Since that time I first remember myself being introduced to the world’s geography and history, my curiosity was always keenly animated by the prospect of visiting that tiny sovereign state, situated on the north coast of Borneo, called Brunei.
It was something about the aged stories of the powerful Bruneian empire reigning across Borneo and the South Sea, narrated by the great adventurers of the discovery age. Something about the fables of its aforetime almighty sultans, their excessive opulence and their ostentatious palaces, which had made me regard that little piece of land through an exotic and romanticized scope. Being finally in Borneo, after the years, the time to give my curiosity’s fancies satisfaction had come.
To get there I took a public bus from Kota Kinabalu which covered the separating distance in 8-9 hours. A great deal of this time was consumed by the border controls. First crossing from the Malaysian state of Sabah to the one of Sarawak, then from Sarawak to the eastern Bruneian district of Temburong, back to Sarawak, and, finally, again into Brunei, which the whole thing amounted to seven border crossings and two wasted pages in my passport, all in one single day.
We arrived in Bandar Seri Begawan, Brunei’s capital, at some time about late afternoon. By that time, already, nothing was moving. The streets were deserted, the shops hermetically shut and the air bereft of any sound traveling through it, as if in the outer space. The whole image I faced gave me the impression of a ghost-city… a desolate, utterly depopulated city, recently ravaged of some pernicious pestilence or something. That deadness would also be and the principal characteristic of this city, as I was to further observe during my brief staying. A city of about 50.000 inhabitants, I would compare its vividness to the Mediterranean, let’s say, a village of 100-200 people during the early mornings, and to the farthermost dunes of Sahara during the nighttime.
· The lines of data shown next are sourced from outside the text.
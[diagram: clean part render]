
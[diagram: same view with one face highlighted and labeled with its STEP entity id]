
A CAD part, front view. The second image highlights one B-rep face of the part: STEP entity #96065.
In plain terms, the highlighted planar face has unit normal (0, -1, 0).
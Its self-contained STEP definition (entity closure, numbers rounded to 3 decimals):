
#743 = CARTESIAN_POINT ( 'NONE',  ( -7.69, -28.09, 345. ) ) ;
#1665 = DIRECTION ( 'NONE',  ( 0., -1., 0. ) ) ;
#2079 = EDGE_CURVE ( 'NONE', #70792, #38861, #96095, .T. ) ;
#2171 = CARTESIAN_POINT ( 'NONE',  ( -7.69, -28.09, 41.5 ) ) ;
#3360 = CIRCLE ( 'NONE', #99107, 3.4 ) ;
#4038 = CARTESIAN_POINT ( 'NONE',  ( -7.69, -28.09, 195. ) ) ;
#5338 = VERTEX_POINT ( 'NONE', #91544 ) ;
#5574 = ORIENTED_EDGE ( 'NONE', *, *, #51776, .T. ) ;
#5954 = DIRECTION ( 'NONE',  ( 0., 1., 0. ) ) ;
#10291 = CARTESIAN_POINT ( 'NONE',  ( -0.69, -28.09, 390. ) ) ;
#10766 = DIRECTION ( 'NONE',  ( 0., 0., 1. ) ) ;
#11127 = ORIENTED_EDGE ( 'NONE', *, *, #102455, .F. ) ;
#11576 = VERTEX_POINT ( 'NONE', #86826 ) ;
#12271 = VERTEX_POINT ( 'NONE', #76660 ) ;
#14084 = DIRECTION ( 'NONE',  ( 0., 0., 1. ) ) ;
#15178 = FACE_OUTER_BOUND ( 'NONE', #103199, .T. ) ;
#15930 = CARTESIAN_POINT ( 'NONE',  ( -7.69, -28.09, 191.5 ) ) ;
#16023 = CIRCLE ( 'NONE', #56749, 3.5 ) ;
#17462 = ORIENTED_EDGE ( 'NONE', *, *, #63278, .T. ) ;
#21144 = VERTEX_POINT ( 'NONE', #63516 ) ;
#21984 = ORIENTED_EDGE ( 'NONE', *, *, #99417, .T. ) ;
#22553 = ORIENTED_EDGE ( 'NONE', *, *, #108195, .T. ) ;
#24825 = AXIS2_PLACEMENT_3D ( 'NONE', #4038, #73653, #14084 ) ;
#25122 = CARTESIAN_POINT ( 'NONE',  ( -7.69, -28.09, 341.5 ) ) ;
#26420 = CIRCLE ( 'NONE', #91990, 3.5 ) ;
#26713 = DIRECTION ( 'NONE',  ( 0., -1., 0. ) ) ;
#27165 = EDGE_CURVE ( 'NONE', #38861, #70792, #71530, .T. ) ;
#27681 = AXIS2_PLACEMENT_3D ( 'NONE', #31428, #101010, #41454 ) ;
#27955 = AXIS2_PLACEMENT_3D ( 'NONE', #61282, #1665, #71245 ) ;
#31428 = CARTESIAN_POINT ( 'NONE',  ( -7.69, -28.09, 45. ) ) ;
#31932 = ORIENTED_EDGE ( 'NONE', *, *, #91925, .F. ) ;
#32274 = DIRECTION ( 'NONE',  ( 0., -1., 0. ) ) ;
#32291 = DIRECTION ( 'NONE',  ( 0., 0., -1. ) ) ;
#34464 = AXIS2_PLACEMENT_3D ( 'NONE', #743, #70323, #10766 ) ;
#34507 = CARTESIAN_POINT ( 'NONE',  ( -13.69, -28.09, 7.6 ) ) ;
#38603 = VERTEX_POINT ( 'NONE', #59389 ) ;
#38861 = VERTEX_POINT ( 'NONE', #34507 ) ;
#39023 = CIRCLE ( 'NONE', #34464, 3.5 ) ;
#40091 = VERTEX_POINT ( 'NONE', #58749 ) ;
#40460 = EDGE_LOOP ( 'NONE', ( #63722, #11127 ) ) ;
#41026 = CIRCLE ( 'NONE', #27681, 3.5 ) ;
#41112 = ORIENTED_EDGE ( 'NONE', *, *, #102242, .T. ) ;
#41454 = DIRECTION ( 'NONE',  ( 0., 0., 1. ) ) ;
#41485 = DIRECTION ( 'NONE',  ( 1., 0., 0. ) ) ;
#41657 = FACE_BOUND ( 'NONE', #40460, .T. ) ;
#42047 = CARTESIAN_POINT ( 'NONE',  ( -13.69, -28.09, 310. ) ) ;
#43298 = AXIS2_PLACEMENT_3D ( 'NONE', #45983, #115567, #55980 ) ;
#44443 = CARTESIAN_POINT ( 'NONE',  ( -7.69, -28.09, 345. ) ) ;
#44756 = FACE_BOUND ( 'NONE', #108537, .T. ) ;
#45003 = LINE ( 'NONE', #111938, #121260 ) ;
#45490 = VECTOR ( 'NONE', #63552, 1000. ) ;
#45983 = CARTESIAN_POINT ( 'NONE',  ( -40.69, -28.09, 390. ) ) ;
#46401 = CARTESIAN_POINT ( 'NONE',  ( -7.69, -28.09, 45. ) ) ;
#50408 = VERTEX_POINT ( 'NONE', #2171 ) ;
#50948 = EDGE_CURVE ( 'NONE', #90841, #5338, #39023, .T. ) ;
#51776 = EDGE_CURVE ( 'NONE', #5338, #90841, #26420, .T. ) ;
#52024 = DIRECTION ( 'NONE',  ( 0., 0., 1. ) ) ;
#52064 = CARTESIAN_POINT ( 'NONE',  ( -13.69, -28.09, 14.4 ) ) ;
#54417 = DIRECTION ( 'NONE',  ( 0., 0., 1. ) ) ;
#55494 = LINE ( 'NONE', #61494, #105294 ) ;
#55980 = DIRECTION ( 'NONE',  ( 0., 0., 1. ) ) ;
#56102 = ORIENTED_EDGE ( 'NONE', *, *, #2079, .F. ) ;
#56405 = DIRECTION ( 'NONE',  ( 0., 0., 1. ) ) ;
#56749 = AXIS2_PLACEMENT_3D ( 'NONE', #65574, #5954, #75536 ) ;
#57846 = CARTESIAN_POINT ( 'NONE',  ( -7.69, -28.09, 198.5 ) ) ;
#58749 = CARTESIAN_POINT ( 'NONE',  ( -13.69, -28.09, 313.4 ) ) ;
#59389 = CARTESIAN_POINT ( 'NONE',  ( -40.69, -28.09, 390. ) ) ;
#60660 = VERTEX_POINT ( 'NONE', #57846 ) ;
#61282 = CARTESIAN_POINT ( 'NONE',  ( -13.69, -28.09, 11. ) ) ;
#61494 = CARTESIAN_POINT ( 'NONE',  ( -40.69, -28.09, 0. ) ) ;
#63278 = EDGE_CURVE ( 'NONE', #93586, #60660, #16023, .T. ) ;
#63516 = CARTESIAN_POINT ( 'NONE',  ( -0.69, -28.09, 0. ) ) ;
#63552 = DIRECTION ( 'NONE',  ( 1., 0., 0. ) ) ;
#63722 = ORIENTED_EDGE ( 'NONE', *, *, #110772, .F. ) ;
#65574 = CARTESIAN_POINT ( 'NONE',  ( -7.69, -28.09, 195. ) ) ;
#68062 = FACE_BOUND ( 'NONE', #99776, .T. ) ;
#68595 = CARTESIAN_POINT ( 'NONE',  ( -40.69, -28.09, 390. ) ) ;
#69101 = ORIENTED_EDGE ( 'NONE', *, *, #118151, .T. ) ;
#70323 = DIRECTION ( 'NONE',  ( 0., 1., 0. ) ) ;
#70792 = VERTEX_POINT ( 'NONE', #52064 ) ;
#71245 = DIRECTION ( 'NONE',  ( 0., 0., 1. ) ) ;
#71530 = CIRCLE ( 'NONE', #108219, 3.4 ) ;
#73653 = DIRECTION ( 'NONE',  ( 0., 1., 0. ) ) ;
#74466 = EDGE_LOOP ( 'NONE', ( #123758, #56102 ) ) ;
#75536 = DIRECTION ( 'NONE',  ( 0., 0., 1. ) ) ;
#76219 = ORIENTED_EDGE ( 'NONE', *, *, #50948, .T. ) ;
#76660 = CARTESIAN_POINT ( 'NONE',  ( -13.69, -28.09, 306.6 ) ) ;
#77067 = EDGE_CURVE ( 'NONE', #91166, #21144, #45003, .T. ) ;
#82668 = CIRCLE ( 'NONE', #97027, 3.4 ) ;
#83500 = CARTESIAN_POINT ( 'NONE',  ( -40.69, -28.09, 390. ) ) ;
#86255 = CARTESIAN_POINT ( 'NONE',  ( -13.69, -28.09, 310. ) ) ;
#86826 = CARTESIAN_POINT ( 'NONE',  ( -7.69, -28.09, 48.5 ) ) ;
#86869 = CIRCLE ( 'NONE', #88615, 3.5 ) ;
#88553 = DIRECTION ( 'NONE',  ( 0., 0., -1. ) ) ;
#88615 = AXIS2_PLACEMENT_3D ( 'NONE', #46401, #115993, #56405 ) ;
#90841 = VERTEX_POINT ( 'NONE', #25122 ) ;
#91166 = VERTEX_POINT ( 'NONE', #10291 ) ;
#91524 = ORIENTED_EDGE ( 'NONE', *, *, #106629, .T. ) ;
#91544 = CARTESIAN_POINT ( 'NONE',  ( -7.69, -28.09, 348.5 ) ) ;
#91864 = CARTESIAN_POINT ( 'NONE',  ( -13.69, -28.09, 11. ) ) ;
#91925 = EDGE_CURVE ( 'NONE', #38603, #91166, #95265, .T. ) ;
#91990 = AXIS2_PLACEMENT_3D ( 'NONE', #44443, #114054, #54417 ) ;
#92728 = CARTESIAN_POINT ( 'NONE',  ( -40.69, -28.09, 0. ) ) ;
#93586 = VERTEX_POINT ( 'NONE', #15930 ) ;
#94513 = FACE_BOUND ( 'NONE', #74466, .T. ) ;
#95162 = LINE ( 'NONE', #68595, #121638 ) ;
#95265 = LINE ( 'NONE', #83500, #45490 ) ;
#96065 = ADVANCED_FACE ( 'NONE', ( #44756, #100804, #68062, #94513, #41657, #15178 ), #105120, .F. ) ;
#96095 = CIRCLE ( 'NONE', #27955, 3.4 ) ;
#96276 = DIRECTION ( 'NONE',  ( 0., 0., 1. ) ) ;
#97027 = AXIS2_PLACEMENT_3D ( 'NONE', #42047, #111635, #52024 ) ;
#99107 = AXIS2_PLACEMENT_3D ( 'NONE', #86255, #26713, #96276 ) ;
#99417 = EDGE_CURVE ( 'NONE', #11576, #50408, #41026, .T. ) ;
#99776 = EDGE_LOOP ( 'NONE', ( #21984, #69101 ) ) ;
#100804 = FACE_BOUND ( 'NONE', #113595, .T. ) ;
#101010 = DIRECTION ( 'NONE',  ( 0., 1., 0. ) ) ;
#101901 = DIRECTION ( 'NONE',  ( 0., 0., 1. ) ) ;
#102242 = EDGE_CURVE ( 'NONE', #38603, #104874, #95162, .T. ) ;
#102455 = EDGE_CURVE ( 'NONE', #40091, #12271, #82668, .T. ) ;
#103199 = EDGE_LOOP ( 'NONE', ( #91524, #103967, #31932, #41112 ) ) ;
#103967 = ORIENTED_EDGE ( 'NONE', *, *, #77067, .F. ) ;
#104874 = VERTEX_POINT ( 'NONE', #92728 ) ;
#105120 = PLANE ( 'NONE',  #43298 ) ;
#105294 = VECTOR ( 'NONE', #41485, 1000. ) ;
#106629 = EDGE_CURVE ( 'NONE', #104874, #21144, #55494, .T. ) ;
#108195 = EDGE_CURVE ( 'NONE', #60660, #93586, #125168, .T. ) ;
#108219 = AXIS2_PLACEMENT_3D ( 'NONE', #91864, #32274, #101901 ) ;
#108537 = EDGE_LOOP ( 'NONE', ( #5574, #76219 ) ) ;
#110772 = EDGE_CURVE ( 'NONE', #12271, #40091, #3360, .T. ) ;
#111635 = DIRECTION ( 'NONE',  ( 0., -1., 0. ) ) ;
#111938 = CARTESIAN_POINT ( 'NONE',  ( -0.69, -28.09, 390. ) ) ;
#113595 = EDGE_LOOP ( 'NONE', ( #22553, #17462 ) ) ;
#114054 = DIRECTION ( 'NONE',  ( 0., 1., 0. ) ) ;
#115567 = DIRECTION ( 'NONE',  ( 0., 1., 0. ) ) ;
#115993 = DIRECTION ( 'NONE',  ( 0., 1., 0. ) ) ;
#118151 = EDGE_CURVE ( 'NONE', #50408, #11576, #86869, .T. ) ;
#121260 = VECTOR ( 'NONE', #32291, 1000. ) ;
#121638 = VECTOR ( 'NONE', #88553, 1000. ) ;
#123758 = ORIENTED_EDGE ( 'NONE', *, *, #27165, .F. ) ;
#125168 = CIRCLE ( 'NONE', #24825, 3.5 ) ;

The aforesaid unliveliness of this city would definitely render one’s time there as dull and uninteresting as watching a movie on an unplugged screen if intent on spending there a length of time exceeding two or three days. As, though, in my case, the length of my sojourn did not last more than two complete rotations of the earth, I found this characteristic of the city ideally cooperative to my ramble-around-in-peace mood. I felt quite privileged to have the wide and well-laid pavements all for myself. Even though it was not actually necessary to utilize them, as I could literally walk amidst the street without any significant difference being made. Even at the rare concurrence of some driver or another on my way with his deluxe jeep, they would, all of them, unexceptionally grant me the priority promptly. Besides the quiet streets, one can also utilize for his strolls the several even quieter pedestrian walkways, public squares, and parks found in the city.
As to what one can see during such strolls… nothing extraordinary, the truth is. It’s pretty much only office buildings in the center, villas all around it, and some gigantic billboards displaying the sultan every here and there. The only noteworthy thing one can see in the main area of the city is its several elegant mosques, and most particularly the Sultan Omar Ali Saifuddien Mosque, which, with its marble minaret and its golden dome seen from every corner of the city, is also the nation’s symbol.
That’s for the city itself. Outside the city now, and right across the bay, is situated the district of Kampong Ayer, which is a cluster of 42 villages built entirely on stilts above the sea and makes the world’s largest water community. The whole community is linked together by a 36 km long complex of boardwalks and plenty of private wooden speedboat taxis, which one can easily catch by standing on any of the numerous wharves and signaling once they pass by. It maintains a population of more than 30.000 people, of whom the ancestors have been living there for more than 13 centuries. Besides the people’s houses, there can be found shops, restaurants, schools, a hospital and everything a modern community needs. It is an entire town in its own right, and quite justly Antonio Pigafetta, a Venetian comrade of Magellan during the first circumvention of the globe, dubbed it the “Venice of the east”.
Walking randomly around the city and the water village is how I spent that day of mine in Brunei. Maybe with some more imagination, or peculiar interests, I bet one could find also some other things – not many, though – to do there. A thing that’s for sure, is that if one wants to visit Bandar Seri Begawan, the best time to do so is during Eid al-Fitr, the feast following the Muslim fasting month of Ramadan. At that time of the year, and only at that time, the Sultan opens the doors of his palace to literally everybody who happens to be there. That is a rare chance to marvel at what is considered to be the world’s largest, and possibly the wealthiest also, private residence. And, by far most importantly, to get free royal food to the point of abdominal supersaturation. And also, whoever for any reason may wish for it, could shake the Sultan’s hand and take a picture with him.